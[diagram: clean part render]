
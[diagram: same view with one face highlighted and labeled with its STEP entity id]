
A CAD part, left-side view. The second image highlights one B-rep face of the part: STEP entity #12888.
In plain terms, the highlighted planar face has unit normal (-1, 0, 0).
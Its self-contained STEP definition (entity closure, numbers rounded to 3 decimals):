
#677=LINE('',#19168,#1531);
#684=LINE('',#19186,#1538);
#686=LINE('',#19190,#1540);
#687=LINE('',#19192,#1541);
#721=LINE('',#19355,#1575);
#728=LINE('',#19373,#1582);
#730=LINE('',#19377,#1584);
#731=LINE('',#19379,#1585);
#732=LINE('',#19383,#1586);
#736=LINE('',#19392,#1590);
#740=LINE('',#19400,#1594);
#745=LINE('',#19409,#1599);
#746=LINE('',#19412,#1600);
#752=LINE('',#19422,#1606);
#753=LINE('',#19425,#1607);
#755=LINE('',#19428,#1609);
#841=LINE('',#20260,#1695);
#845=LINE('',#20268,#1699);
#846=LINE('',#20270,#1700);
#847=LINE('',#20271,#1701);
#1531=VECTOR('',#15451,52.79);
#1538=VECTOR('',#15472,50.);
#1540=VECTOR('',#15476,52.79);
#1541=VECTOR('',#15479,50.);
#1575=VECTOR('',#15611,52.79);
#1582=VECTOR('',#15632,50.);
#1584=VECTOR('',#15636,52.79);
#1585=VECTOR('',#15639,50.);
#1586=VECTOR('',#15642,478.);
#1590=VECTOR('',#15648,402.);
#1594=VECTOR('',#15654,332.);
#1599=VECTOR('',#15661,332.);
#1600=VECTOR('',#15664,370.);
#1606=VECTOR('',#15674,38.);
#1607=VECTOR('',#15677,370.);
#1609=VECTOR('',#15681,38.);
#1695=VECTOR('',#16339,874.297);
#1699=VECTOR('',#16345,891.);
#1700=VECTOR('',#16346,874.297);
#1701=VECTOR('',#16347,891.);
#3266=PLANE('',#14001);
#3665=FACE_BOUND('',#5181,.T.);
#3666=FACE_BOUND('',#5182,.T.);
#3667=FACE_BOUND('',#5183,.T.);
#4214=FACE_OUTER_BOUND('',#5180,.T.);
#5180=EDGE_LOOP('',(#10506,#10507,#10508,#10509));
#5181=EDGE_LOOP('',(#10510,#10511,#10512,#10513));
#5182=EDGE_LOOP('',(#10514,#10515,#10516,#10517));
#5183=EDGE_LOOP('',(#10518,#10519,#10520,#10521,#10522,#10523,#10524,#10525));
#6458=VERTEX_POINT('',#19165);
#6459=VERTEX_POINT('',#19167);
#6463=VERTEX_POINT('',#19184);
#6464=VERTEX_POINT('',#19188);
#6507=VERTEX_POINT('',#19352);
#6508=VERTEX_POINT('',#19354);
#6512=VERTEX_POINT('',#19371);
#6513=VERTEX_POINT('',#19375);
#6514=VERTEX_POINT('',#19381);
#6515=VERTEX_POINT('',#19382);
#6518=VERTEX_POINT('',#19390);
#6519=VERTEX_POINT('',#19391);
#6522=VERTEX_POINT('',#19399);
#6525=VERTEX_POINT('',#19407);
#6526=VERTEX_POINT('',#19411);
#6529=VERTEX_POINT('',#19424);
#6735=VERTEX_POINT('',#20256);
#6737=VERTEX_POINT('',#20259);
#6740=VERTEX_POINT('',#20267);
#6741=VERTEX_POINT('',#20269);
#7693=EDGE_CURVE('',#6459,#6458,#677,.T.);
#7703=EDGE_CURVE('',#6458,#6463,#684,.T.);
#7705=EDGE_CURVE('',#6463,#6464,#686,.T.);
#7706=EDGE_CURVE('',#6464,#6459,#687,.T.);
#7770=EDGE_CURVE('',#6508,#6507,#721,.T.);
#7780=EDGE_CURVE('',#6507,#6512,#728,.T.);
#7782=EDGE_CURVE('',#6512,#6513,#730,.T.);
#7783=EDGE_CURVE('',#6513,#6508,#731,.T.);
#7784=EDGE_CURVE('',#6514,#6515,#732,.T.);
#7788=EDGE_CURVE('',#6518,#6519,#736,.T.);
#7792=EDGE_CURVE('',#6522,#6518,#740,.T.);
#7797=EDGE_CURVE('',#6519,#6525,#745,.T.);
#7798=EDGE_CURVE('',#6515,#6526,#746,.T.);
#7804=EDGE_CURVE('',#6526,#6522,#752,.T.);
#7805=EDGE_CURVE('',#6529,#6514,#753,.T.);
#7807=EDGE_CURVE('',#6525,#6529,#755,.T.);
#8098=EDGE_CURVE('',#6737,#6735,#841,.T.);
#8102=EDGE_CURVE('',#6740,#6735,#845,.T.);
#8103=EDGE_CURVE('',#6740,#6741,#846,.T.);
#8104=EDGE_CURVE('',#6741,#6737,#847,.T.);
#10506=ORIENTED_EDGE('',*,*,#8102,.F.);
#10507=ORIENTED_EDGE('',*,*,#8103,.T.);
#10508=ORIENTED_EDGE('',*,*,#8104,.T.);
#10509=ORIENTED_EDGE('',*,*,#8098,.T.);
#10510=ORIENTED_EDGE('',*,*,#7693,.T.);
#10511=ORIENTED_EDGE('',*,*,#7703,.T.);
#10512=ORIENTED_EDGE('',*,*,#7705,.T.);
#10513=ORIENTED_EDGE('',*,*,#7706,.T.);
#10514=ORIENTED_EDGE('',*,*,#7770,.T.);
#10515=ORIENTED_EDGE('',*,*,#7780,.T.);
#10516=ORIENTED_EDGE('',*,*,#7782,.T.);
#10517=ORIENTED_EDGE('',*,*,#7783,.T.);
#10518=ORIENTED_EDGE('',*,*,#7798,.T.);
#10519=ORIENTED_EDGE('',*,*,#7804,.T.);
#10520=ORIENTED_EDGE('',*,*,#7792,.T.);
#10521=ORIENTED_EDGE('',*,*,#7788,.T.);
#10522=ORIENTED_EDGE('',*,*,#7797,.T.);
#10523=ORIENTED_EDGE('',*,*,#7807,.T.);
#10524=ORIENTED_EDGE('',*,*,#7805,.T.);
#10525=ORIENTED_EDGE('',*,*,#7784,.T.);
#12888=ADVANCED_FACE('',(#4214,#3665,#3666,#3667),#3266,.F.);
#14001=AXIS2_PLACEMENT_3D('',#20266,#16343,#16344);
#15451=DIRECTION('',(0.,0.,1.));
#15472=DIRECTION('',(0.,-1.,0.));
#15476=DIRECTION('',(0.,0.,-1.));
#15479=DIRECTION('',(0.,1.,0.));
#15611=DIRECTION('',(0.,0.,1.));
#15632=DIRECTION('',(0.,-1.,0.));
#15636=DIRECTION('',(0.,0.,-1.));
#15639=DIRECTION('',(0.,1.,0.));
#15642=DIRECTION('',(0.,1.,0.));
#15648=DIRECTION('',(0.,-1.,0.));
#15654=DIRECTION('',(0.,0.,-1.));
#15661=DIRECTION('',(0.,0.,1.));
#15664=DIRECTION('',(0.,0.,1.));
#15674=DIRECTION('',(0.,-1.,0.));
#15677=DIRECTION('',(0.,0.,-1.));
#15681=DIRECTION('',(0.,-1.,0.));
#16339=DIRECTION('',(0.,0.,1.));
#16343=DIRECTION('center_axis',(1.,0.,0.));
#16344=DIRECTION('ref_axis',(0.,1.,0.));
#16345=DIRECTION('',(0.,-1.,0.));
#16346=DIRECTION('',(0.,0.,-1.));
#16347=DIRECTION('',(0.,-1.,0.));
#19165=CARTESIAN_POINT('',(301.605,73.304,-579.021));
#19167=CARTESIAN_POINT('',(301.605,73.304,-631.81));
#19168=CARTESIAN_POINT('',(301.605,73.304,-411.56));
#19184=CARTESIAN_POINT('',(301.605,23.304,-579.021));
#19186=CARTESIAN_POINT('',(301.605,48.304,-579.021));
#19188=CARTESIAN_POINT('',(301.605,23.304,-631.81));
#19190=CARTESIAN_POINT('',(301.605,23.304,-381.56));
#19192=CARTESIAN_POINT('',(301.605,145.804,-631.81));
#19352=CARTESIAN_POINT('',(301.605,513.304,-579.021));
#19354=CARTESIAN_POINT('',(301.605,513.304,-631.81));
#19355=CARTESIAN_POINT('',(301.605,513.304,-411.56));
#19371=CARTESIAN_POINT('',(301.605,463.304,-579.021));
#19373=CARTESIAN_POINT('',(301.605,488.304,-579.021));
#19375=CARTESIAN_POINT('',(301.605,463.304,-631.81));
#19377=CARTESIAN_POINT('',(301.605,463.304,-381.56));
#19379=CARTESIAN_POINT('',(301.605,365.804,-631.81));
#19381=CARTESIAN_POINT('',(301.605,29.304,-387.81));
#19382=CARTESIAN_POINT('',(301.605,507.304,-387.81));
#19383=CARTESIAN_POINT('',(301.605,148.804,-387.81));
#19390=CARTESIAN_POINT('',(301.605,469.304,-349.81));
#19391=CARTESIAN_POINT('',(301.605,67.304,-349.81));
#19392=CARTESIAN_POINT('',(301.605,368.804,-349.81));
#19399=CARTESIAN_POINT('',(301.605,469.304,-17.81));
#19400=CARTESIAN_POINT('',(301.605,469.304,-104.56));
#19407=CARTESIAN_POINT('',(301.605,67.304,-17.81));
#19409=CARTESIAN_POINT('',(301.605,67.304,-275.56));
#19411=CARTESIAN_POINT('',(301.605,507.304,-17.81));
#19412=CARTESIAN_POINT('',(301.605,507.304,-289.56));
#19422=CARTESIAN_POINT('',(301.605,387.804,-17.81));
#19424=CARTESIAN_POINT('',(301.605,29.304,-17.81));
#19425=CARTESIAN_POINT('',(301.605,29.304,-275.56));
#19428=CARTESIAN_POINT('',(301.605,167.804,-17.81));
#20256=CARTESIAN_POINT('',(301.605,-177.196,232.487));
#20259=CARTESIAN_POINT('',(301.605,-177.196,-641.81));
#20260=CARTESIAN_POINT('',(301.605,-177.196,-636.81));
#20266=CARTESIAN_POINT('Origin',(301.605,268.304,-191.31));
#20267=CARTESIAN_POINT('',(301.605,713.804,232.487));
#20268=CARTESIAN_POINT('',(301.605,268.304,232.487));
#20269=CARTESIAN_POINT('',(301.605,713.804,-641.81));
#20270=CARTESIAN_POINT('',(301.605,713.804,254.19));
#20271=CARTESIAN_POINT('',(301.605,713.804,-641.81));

**ABOUT THIS EXERCISE**
Please copy, exactly as written, every line in the listing above from the line with "#841=LINE('',#20260,#1695);" up to and including the line with "#1590=VECTOR('',#15648,402.);".

**SOLVED PROBLEM**
#841=LINE('',#20260,#1695);
#845=LINE('',#20268,#1699);
#846=LINE('',#20270,#1700);
#847=LINE('',#20271,#1701);
#1531=VECTOR('',#15451,52.79);
#1538=VECTOR('',#15472,50.);
#1540=VECTOR('',#15476,52.79);
#1541=VECTOR('',#15479,50.);
#1575=VECTOR('',#15611,52.79);
#1582=VECTOR('',#15632,50.);
#1584=VECTOR('',#15636,52.79);
#1585=VECTOR('',#15639,50.);
#1586=VECTOR('',#15642,478.);
#1590=VECTOR('',#15648,402.);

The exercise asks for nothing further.